There really is no wrong answer between Powell and Wright, I think, because both have earned there time in the NBA, but if it came down to one of them being the bench constant and the other as injury insurance, I think I’d lean towards Powell at this moment. There is the possibility that the team will need him to step back into a starting role later in the season if Anunoby shows his youth, and if that’s the case, he needs to keep getting playing time to remain at the ready and keep developing his tools. Wright would then likely step back into more bench minutes, but all this also depends on Wright’s recovery from injury, as for the moment this spot would belong to Norm by default, with Delon out.

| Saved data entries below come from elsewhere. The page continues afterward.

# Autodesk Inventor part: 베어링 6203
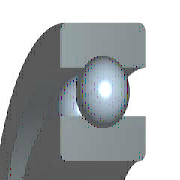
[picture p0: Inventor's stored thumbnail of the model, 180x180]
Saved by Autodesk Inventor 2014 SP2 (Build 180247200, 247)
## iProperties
IsCustomPart: 0
Created: 2018-09
Part Number: 베어링 6203
Material: 스테인리스강
Description: 깊은 그루브 볼 베어링
Document SubType Name: Modeling
Standard: KS B 2023
Standards Organization: KS
Language: ko-KR
Size Designation: 6203 - 17 x 40 x 12
Categories: <MemberInstance><Categories><Category DisplayName="샤프트 부품" InternalName="7f7aeb1f-a693-4053-b835-cee3144e0d98" Mnemonic="SHFT"><Category DisplayName="베어링" Inter
Density: 8.08 g/cm^3
Mass: 66.7997 g
Surface Area: 64.3582 cm^2
Volume: 8.26729 cm^3
Appearance: 보라색
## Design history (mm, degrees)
sketch "스케치" dims "d0" = 5.98 (= -0.26 x WD + 0.26 x BD)
  geometry: L1 (3.01, 14.25)-(8.99, 14.25); L2 (6, 14.25)-(6, 11.26); L3 (6, 14.25)-(6, 17.24); L4 (3.778, 12.249)-(0, 12.249); L5 (0, 8.5)-(12, 8.5); L6 (3.778, 16.251)-(0, 16.251); L7 (0, 20)-(12, 20); L8 (12, 8.5)-(12, 12.249); L9 (8.222, 12.249)-(12, 12.249); L10 (8.222, 16.251)-(12, 16.251); L11 (12, 20)-(12, 16.251); L12 (-1.4, 0)-(8.4, 0) reference; L13 (0, -0.3)-(0, 5.3) reference
  constraints: 22 end point, 4 point on line, 2 collinear, 2 perpendicular, 2 symmetric about line, 1 midpoint, 1 parallel, 14 other
  dimensions: "d9" = 17 diameter of L5 L12 (= WD); "d11" = 40 diameter of L7 L12 (= BD); "d12" = 12 distance between parallel lines of L8 L13 (= KB); "d13" = 24.498 diameter of L9 L12 (= 0.326 x BD + 0.674 x WD)
revolve "본체" stored, may be unused: angle "d6" = 90 deg
revolve "볼" stored, may be unused: angle "d7" = 90 deg
pattern_circular "IDS_ARRAYBALL[SIMPL:T]" dims angle "d3" = 360 deg
body "Solid1"
fillet "모깎기1" dims "d1" = 0.6 (= KRS)
other parameters: "WD" = 17 [user parameter; used in 5 equation terms], "BD" = 40 [user parameter; used in 5 equation terms], "KB" = 12 [user parameter; used in 1 equation term], "KRS" = 0.6 [user parameter; used in 1 equation term], "d4" = 0, "d5" = 0, "d8" = 0, "d14" = 0, "d15" = 0, "BBA" = 0 [user parameter], "BC0" = 4750000 [user parameter], "BC" = 9560000 [user parameter], "WR" = 8.5 (= 0.5 x WD) [user parameter]
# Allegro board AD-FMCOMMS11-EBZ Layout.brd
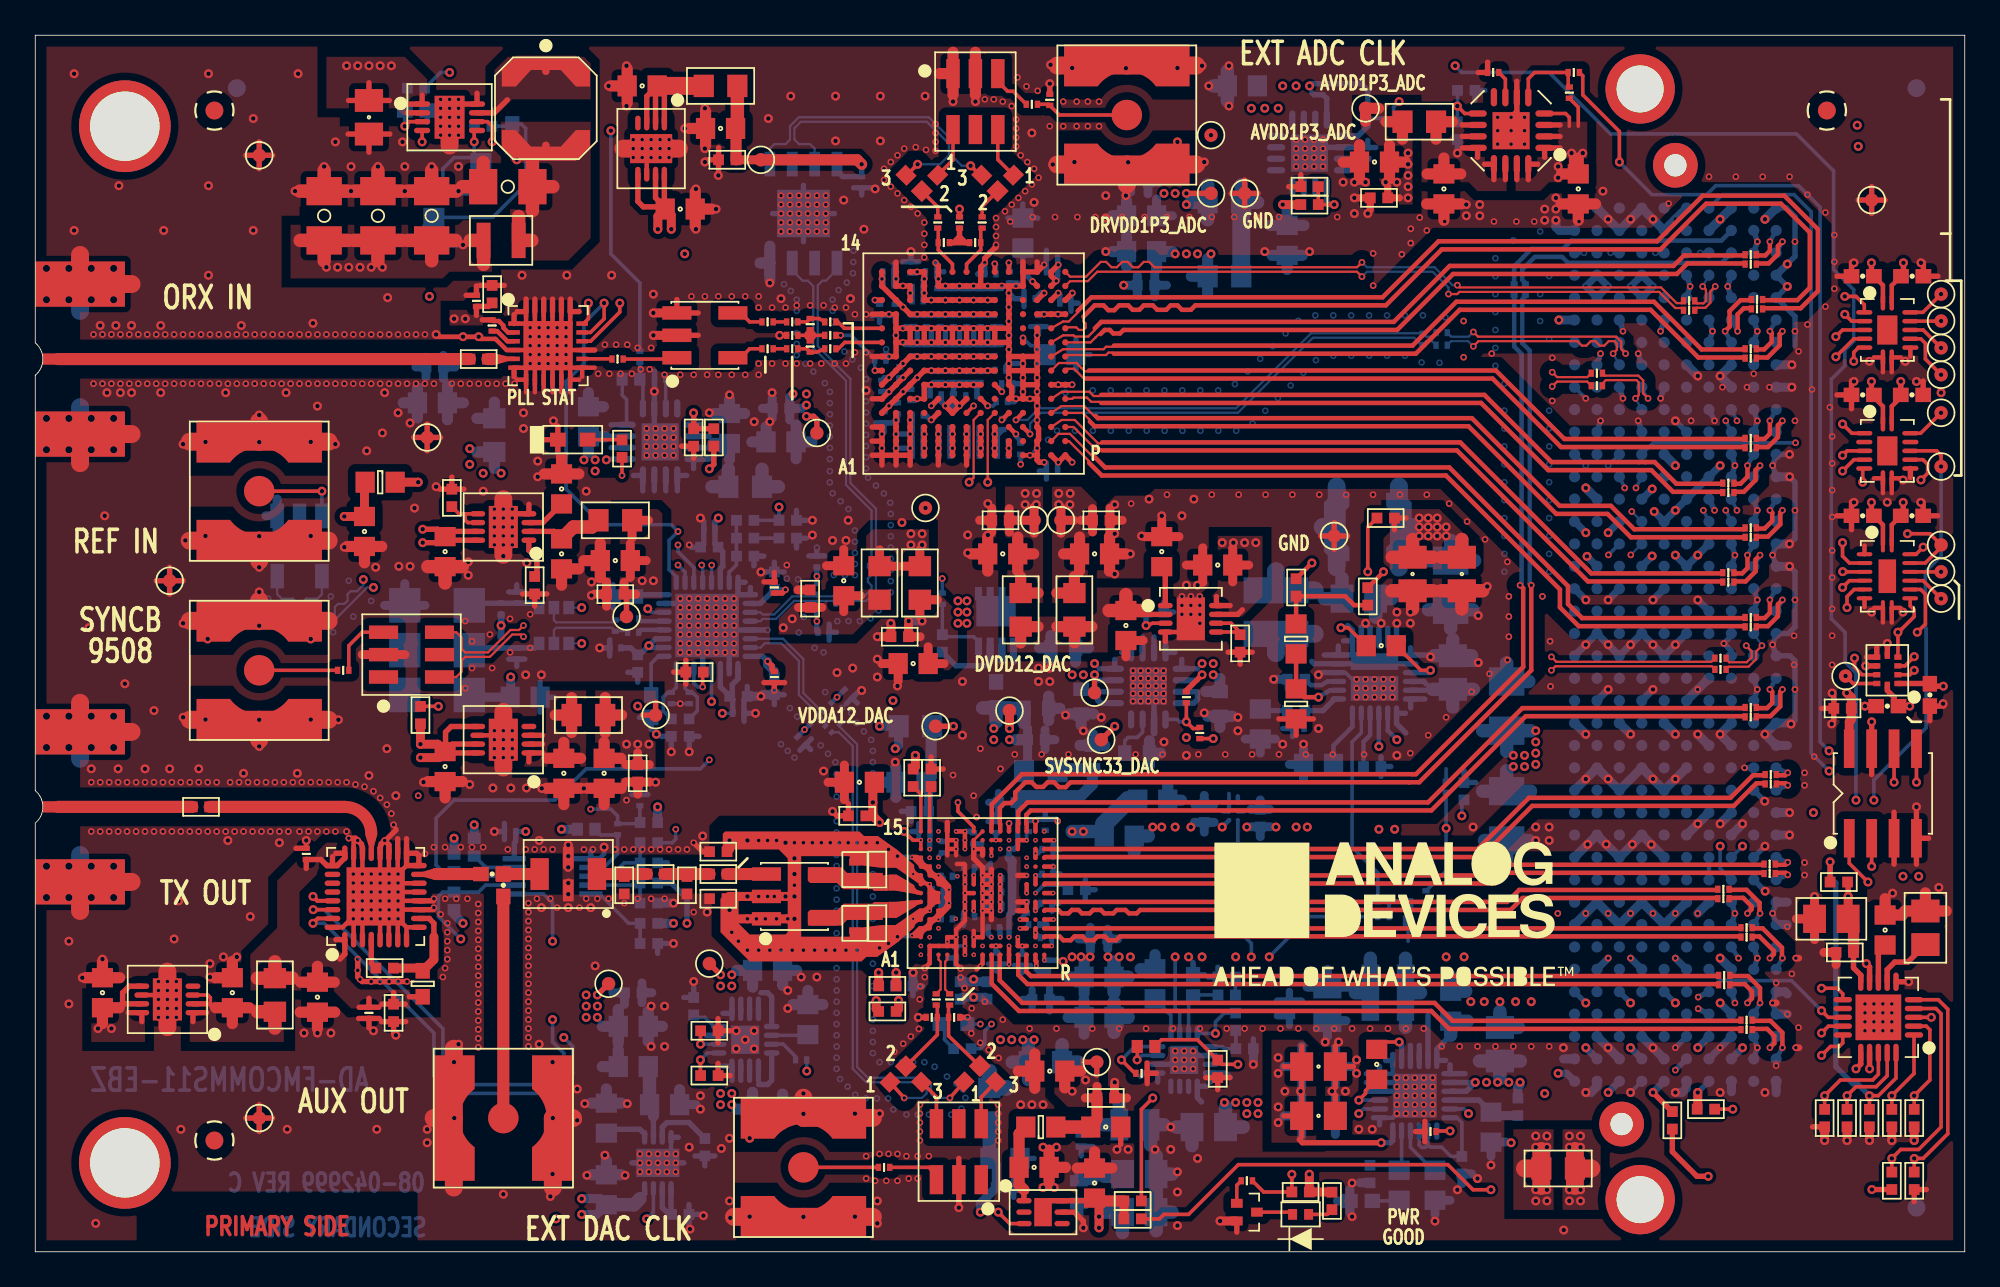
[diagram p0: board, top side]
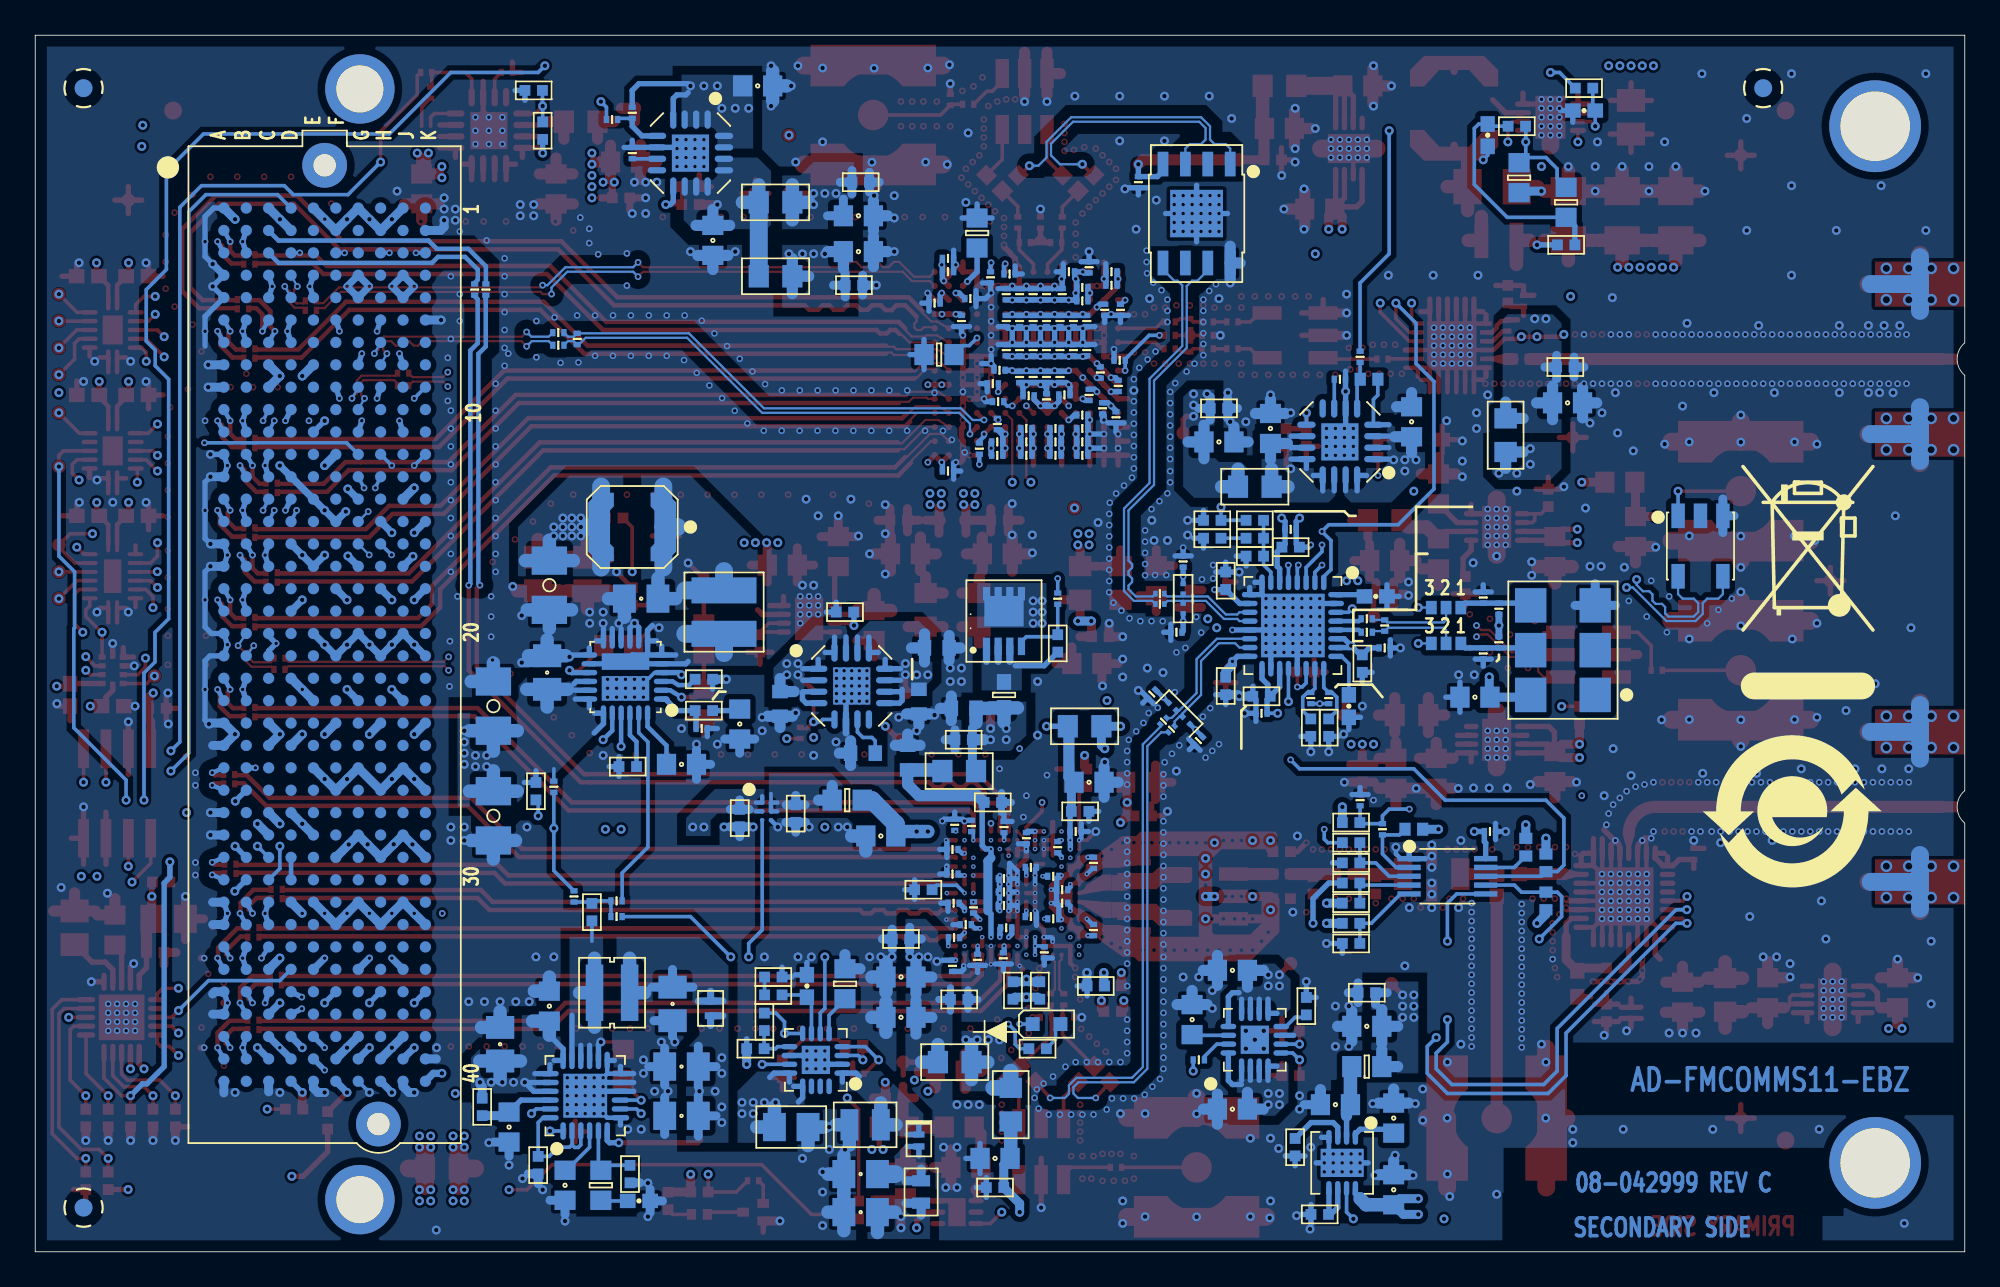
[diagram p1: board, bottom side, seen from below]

Outline 109.42 x 69 mm; copper layers: TOP, L2_GROUND, L3_SIGNAL, L4_GROUND, L5_POWER, L6_GROUND, L7_GROUND, L8_POWER, L9_GROUND, L10_SIGNAL, L11_GROUND, BOTTOM. Coordinates in mm from the lower left corner of the outline.
Outline path: 0,69 109.42,69 109.42,0 0,0 0,24.31 arc(0.43,25.23) 0,26.15 0,49.71 arc(0.43,50.63) 0,51.55 0,69

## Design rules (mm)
constraint set DEFAULT: min track width 0.203
net group ADC_CLK: nets ADC_CLK_N ADC_CLK_P
net group ADC_CLK2: nets UNNAMED_28_HMC361_I1297_OUT UNNAMED_28_HMC361_I1297_OUTN
net group ADC_CLK3: nets UNNAMED_28_ADF4355_I1290_RFOU_1 UNNAMED_28_ADF4355_I1290_RFOUTA
net group DAC_CLK3: nets UNNAMED_28_ADF4355_I1290_RFOU_2 UNNAMED_28_ADF4355_I1290_RFOUTB
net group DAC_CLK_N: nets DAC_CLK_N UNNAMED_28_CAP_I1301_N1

That leaves us with the question of the center position. It’s no secret that I’m a huge fan of Jakob Poeltl’s game, but Bebe has also had a strong season and brings a shooting presence that Poeltl simply doesn’t have. As with Powell and Wright, this is a case of two right answers, and it really does come down to preference. Do you prefer the stable hand of Poeltl, the player where you know what you’ll get every night, and who brings a strong offensive rebounding presence and solid, though unspectacular, defensive presence, or the enigmatic Nogueira who brings explosiveness in both his game and output, with tremendous athleticism showing in both his blocked shots and dunks, punctuated by his three-point shooting?

On the balance, I’d lean towards Jakob here, but mostly because the data seems to back up that he works well with the other staples. When paired with both Fred Van Vleet and Pascal Siakam, Poeltl has played 78 minutes thus far this season, and that group boasts a +31 net rating in those minutes while grabbing 57.9% of all available rebounds.

So that leaves us with a primary bench unit of Fred Van Vleet, Norman Powell, CJ Miles, Pascal Siakam and Jakob Poeltl. All of this is mostly a moot intellectual exercise at this point of course, with Dwane Casey seemingly committed to the larger rotation for the time being. But should he look to shorten the bench at some point this year, especially with the playoffs in mind for a franchise that has to be focused on finding sustainable success once we get past the regular season, that’s the direction that I would recommend, at least based on what we currently know.